If the interface is submitted by the Post, it is relatively troublesome, you need to use the form to submit the interface.

<form action="" id="CSRF" method="post">
    <input name="comment" value="attack" type="hidden">

How to defend

There are several rules for defending against CSRF:

  1. Get request does not modify the data
  2. Do not allow third-party websites to access user cookies
  3. Block third-party website request interfaces
  4. Request verification information, such as verification code or token


The SameSite attribute can be set on cookies. This attribute sets the cookie not to be sent along with cross-domain requests. This attribute can greatly reduce the CSRF attack, but this attribute is currently not compatible with all browsers.

Verify Referer

For requests that need protection against CSRF, we can verify the Referer to determine if the request was initiated by a third-party website.


The server sends a random Token (the algorithm cannot be complex). The Token is carried on each request, and the server verifies that the Token is valid.

Password security

Although password security is mostly a back-end thing, as a good front-end programmer, you need to be familiar with this knowledge.

Add salt

For password storage, it must be stored in the database in the clear, otherwise, once the database is leaked, it will cause great losses to the user. And it is not recommended to encrypt the password only by the encryption algorithm because of the rainbow table relationship.

It is usually necessary to add salt to the password and then perform several encryptions with different encryption algorithms.

It is often necessary to add a salt to the password and then encrypt it several times with different encryption algorithms.

// Adding salt means adding a string to the original password and increasing the length of the original password.
sha256(sha1(md5(salt + password + salt)))

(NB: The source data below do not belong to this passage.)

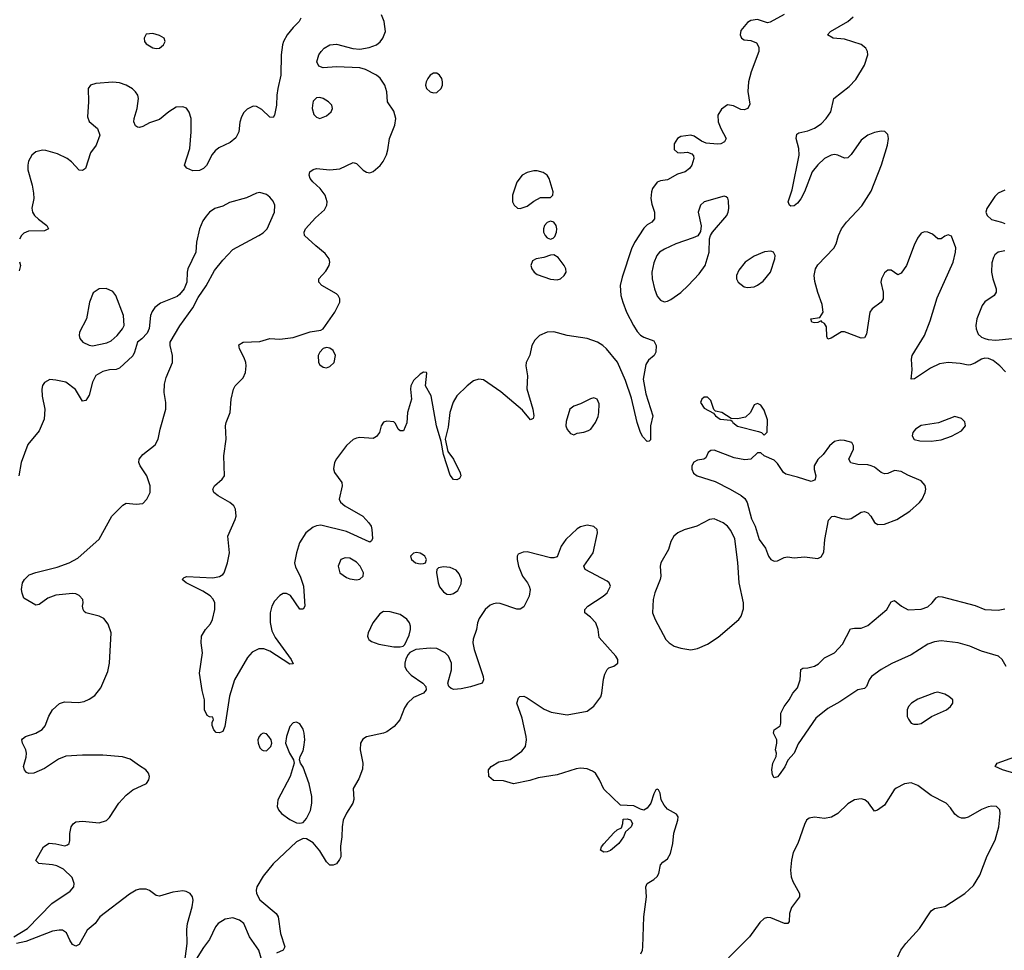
# Model space of a CAD drawing. Header units: inches. Extents: x 1449094 to 1618372, y 389908 to 534307.
# Tile 258 of 494: x 1581813 to 1587707, y 431350 to 436921. Entities that reach past the tile are written whole.
import ezdxf

# ---------------------------------------------------------------- set-up
doc = ezdxf.new("R2010")
doc.units = ezdxf.units.IN
doc.header["$MEASUREMENT"] = 0
doc.layers.add('B5483', color=7, linetype='Continuous')

msp = doc.modelspace()

# ---------------------------------------------------------------- linework, layer by layer
at = {"layer": 'B5483', "color": 5}
for points, elevation in [([(1583496.4, 436930), (1583486.7, 436910), (1583450, 436874.3), (1583414.3, 436830), (1583391.5, 436790), (1583386, 436770), (1583377.5, 436710), (1583376.9, 436590), (1583357.8, 436510), (1583351.5, 436468.5), (1583350.3, 436410), (1583339.3, 436350), (1583330, 436336), (1583310, 436337), (1583263.2, 436383.2), (1583230, 436402), (1583210, 436403.5), (1583175, 436385), (1583155.2, 436364.8), (1583140.2, 436339.8), (1583131.5, 436308.5), (1583124.2, 436250), (1583106.7, 436213.3), (1583073.6, 436186.4), (1583005.5, 436154.5), (1582983.2, 436136.8), (1582965.9, 436114.1), (1582931.2, 436048.8), (1582913, 436030), (1582890, 436018.3), (1582850, 436015.6), (1582813, 436033), (1582799.6, 436050), (1582830.8, 436150), (1582840.3, 436250), (1582839.2, 436330), (1582828.6, 436368.6), (1582811.8, 436391.8), (1582790, 436400.5), (1582750, 436397.2), (1582707, 436370), (1582650, 436323.5), (1582590, 436303), (1582550, 436282), (1582530, 436275.1), (1582518, 436278), (1582506, 436286), (1582496.2, 436310), (1582497.6, 436330), (1582516.9, 436390), (1582525.1, 436450), (1582520.9, 436470), (1582506, 436490), (1582487.7, 436507.7), (1582450, 436529.4), (1582410, 436542.9), (1582370, 436547), (1582270, 436539.3), (1582238, 436530), (1582222.8, 436510), (1582225.5, 436430), (1582219.8, 436339.8), (1582230, 436311.3), (1582278.8, 436270), (1582294, 436230), (1582270.4, 436169.6), (1582236.4, 436123.6), (1582206.8, 436030), (1582190, 436018), (1582170, 436020.9), (1582123.7, 436070), (1582097.2, 436090), (1582038.9, 436118.9), (1581970, 436137.4), (1581950, 436139.7), (1581910, 436129.6), (1581886, 436110), (1581866.5, 436073.5), (1581861.1, 436050), (1581862.3, 436022.3), (1581888.2, 435930), (1581896.3, 435883.7), (1581897.3, 435850), (1581886.6, 435793.4), (1581890.4, 435770), (1581902.4, 435750), (1581926.3, 435726.3), (1581976.4, 435690), (1581985.5, 435670), (1581962.6, 435657.4), (1581865.5, 435654.5), (1581837.2, 435642.8), (1581824.4, 435630), (1581811.7, 435608.3)], 520), ([(1586390, 436953.3), (1586306.2, 436906.2), (1586290, 436903), (1586230, 436922), (1586190, 436916.3), (1586170, 436905.1), (1586130, 436857.2), (1586126.7, 436830), (1586134, 436810), (1586150, 436800.4), (1586190, 436796.5), (1586222.8, 436782.8), (1586237.7, 436757.7), (1586238, 436730), (1586191.6, 436610), (1586176.3, 436550), (1586172.3, 436492.3), (1586183.6, 436416.4), (1586172.2, 436390), (1586150, 436381.1), (1586130, 436383.5), (1586086.1, 436406.1), (1586050, 436411.1), (1586014.1, 436385.9), (1585992.3, 436350), (1585993.7, 436310), (1586009.5, 436269.5), (1586041.3, 436210), (1586032.4, 436190), (1586010, 436178.3), (1585990, 436176.4), (1585922, 436182), (1585893.9, 436193.9), (1585850, 436224.5), (1585830, 436229.5), (1585770, 436222), (1585750.8, 436210), (1585730, 436179), (1585730, 436144), (1585750, 436127), (1585770, 436123.7), (1585810, 436128), (1585837.3, 436117.3), (1585845.8, 436105.8), (1585848.2, 436090), (1585836, 436050), (1585823.1, 436030), (1585796.3, 436010), (1585750, 435995.8), (1585690, 435963.1), (1585650, 435956.8), (1585630, 435948.3), (1585602, 435910), (1585595, 435890), (1585590.2, 435850), (1585596.5, 435816.5), (1585613.4, 435770), (1585613.4, 435730), (1585597.3, 435710), (1585570, 435693.6), (1585550, 435673.6), (1585492.9, 435587.1), (1585475.5, 435550), (1585419.2, 435380.8), (1585408.4, 435330), (1585412, 435270), (1585422.6, 435230), (1585444.9, 435170), (1585487.1, 435090), (1585510, 435054.6), (1585530, 435033.6), (1585550, 435021.6), (1585610, 434999), (1585622.3, 434970), (1585620.6, 434930), (1585611.3, 434910), (1585577.5, 434882.5), (1585562, 434858), (1585545, 434770), (1585560.9, 434680.9), (1585603.8, 434550), (1585588.4, 434490), (1585590, 434406), (1585582, 434398), (1585570, 434395.3), (1585543.8, 434423.8), (1585530, 434449), (1585508.9, 434508.9), (1585474.9, 434654.9), (1585440.3, 434760.3), (1585391, 434871), (1585325.6, 434950), (1585304.2, 434970), (1585272.4, 434990), (1585210, 435012.5), (1585090, 435029.8), (1585010, 435051.9), (1584970, 435049.7), (1584924, 435030), (1584896.7, 435003.3), (1584878.4, 434970), (1584866.4, 434913.6), (1584844, 434870), (1584843, 434850), (1584852.7, 434790), (1584848.7, 434711.3), (1584885.3, 434590), (1584890.3, 434549.7), (1584886.8, 434533.2), (1584870, 434526.6), (1584822.8, 434582.8), (1584693.8, 434693.8), (1584590, 434765.6), (1584562, 434770), (1584530, 434759.3), (1584491.5, 434730), (1584429.4, 434670), (1584408.7, 434631.3), (1584387.3, 434570), (1584377.9, 434482.1), (1584360.4, 434410), (1584377, 434337), (1584410.2, 434290), (1584450.6, 434209.4), (1584453.4, 434190), (1584444.9, 434175.1), (1584430, 434167), (1584410, 434169.4), (1584390, 434195.3), (1584350, 434318), (1584336.2, 434396.2), (1584307.9, 434490), (1584276.8, 434670), (1584242.9, 434730), (1584250, 434806), (1584249, 434809), (1584230, 434811.8), (1584210, 434798.4), (1584170, 434762), (1584155.3, 434730), (1584152.2, 434710), (1584159.5, 434650), (1584134, 434570), (1584130, 434508.7), (1584110, 434459.5), (1584090, 434460.7), (1584079.5, 434470), (1584063.7, 434503.7), (1584053, 434513), (1584010, 434517.6), (1583990, 434512), (1583977.6, 434490), (1583966.5, 434450), (1583950, 434425.7), (1583930, 434414.5), (1583850, 434419.8), (1583830, 434416.8), (1583810, 434407.1), (1583770, 434371.6), (1583710, 434292.7), (1583698.4, 434270), (1583692, 434232), (1583697.2, 434210), (1583741.7, 434150), (1583743.6, 434130), (1583726.4, 434050), (1583733.4, 434033.4), (1583759.1, 434010), (1583867.3, 433950), (1583904, 433910), (1583916.3, 433890), (1583920.5, 433870), (1583924.9, 433815.1), (1583919.3, 433800.7), (1583910, 433793.2), (1583905.4, 433794.6), (1583770, 433856.5), (1583615.2, 433895.2), (1583590, 433892.1), (1583570, 433883.9), (1583525.8, 433850), (1583488.1, 433790), (1583470.2, 433729.8), (1583458.6, 433670), (1583463.6, 433643.6), (1583491.4, 433590), (1583511.6, 433530), (1583519.3, 433410), (1583510, 433393.2), (1583490, 433392.7), (1583433.5, 433473.5), (1583410, 433487.1), (1583390, 433486), (1583370, 433475.1), (1583339.5, 433440.5), (1583323.5, 433410), (1583312.7, 433370), (1583311.8, 433311.8), (1583322, 433262), (1583342.7, 433222.7), (1583438, 433090), (1583450, 433066), (1583430, 433063.7), (1583310, 433140.5), (1583274.3, 433154.3), (1583244.5, 433155.5), (1583204.5, 433135.5), (1583176.7, 433103.3), (1583098.4, 432970), (1583068.3, 432871.7), (1583042, 432690), (1583030, 432660.7), (1583010, 432651.5), (1582990, 432654.5), (1582974.5, 432670), (1582964.7, 432695.3), (1582964.7, 432715.3), (1582973.2, 432730), (1582970, 432746), (1582950, 432748), (1582936.4, 432756.4), (1582919, 432790), (1582919, 432850), (1582905.6, 432905.6), (1582889.6, 433010), (1582908.2, 433130), (1582899.6, 433190), (1582900.9, 433230), (1582925.6, 433270), (1582954.9, 433305.1), (1582966.6, 433330), (1582980.8, 433390), (1582980.9, 433430), (1582972.2, 433452.2), (1582953, 433473), (1582910, 433499.7), (1582809.2, 433550), (1582785.2, 433570), (1582797.2, 433582.8), (1582812.9, 433587.1), (1582970, 433580.3), (1583010, 433587), (1583030, 433599.3), (1583038, 433610), (1583058, 433670), (1583068.5, 433730), (1583059.1, 433830), (1583102.6, 433930), (1583108.2, 433950), (1583105.1, 433990), (1583094.3, 434010), (1583070.6, 434030.6), (1583000.9, 434070), (1582975.1, 434090), (1582969.3, 434110), (1582979.3, 434130), (1583025.2, 434170), (1583039.3, 434190), (1583035.6, 434310), (1583049.3, 434410), (1583046, 434490), (1583049.3, 434510), (1583073.2, 434570), (1583079.3, 434650), (1583092.7, 434710), (1583102.7, 434730), (1583150, 434776.3), (1583165.4, 434810), (1583169.7, 434850), (1583166.9, 434870), (1583157.6, 434897.6), (1583129.3, 434950), (1583126, 434974), (1583150, 434990.7), (1583250, 434994.9), (1583310, 435012.2), (1583370, 435008.4), (1583450, 435018.9), (1583553, 435053), (1583616.6, 435063.4), (1583630, 435070.8), (1583700.4, 435170), (1583729.7, 435230), (1583729.7, 435250), (1583720.5, 435270), (1583710, 435280.5), (1583620.9, 435330), (1583603.7, 435350), (1583604.5, 435370), (1583644.9, 435415.1), (1583666.6, 435450), (1583669.5, 435470), (1583665.1, 435490), (1583642.5, 435522.5), (1583586.7, 435566.7), (1583518.7, 435630), (1583515.4, 435650), (1583523.5, 435670), (1583584.7, 435735.3), (1583637.4, 435782.6), (1583651.5, 435810), (1583652.8, 435830), (1583642.7, 435870), (1583611.4, 435911.4), (1583567, 435950), (1583552.3, 435970), (1583546.6, 435990), (1583549.3, 436010), (1583570, 436024.9), (1583590, 436030.4), (1583670, 436022.3), (1583730, 436027.8), (1583810, 436066.4), (1583830, 436060.5), (1583870, 436020.7), (1583890, 436007.7), (1583910, 436005.5), (1583930, 436013.4), (1583971.1, 436048.9), (1583988.2, 436071.8), (1584008.3, 436111.7), (1584017.7, 436142.3), (1584027.4, 436210), (1584058.3, 436290), (1584064, 436330), (1584053.7, 436373.7), (1584014.7, 436430), (1584011.9, 436490), (1583999.3, 436530), (1583971.3, 436571.3), (1583950, 436588.4), (1583883.1, 436623.1), (1583850, 436632.4), (1583710, 436639.7), (1583630, 436632.2), (1583603.8, 436643.8), (1583592.2, 436670), (1583603.1, 436710), (1583617.2, 436730), (1583636.3, 436750), (1583670, 436770.3), (1583710, 436773.8), (1583808.2, 436748.2), (1583850, 436745), (1583906.1, 436753.9), (1583950, 436770.3), (1583971.8, 436788.2), (1583987.8, 436810), (1584002.4, 436850), (1583995.8, 436910), (1583978.3, 436950)], 520), ([(1587713.8, 434813.8), (1587679.3, 434850), (1587640.1, 434880.1), (1587612.1, 434892.1), (1587590, 434894), (1587570, 434889.6), (1587530, 434865.1), (1587504.7, 434855.3), (1587490, 434853.6), (1587443.1, 434863.1), (1587370, 434868.7), (1587318.3, 434861.7), (1587264.5, 434835.5), (1587170, 434772), (1587149.6, 434769.6), (1587155.6, 434824.4), (1587151.6, 434888.4), (1587155.6, 434910), (1587229.8, 435030.2), (1587262.5, 435117.5), (1587304.8, 435255.2), (1587401.6, 435470), (1587414.7, 435530), (1587416, 435556), (1587390, 435625.2), (1587370, 435632.7), (1587350, 435626), (1587330, 435609.4), (1587310, 435609.2), (1587277.4, 435637.4), (1587250, 435649.8), (1587230, 435651.6), (1587210, 435642.5), (1587187.3, 435612.7), (1587168, 435572), (1587121.5, 435450), (1587090, 435403.6), (1587070, 435394.5), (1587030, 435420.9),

But adding salt does not prevent others from stealing accounts. It only ensures that even if the database is compromised, the user's real password will not be exposed. Once the attacker gets the user's account, the password can be cracked by brute force. In this case, a verification code is usually used to increase the delay or limit the number of attempts. And once the user enters the wrong password, the user cannot directly prompt the user to enter the wrong password, but should prompt the account or password to be incorrect.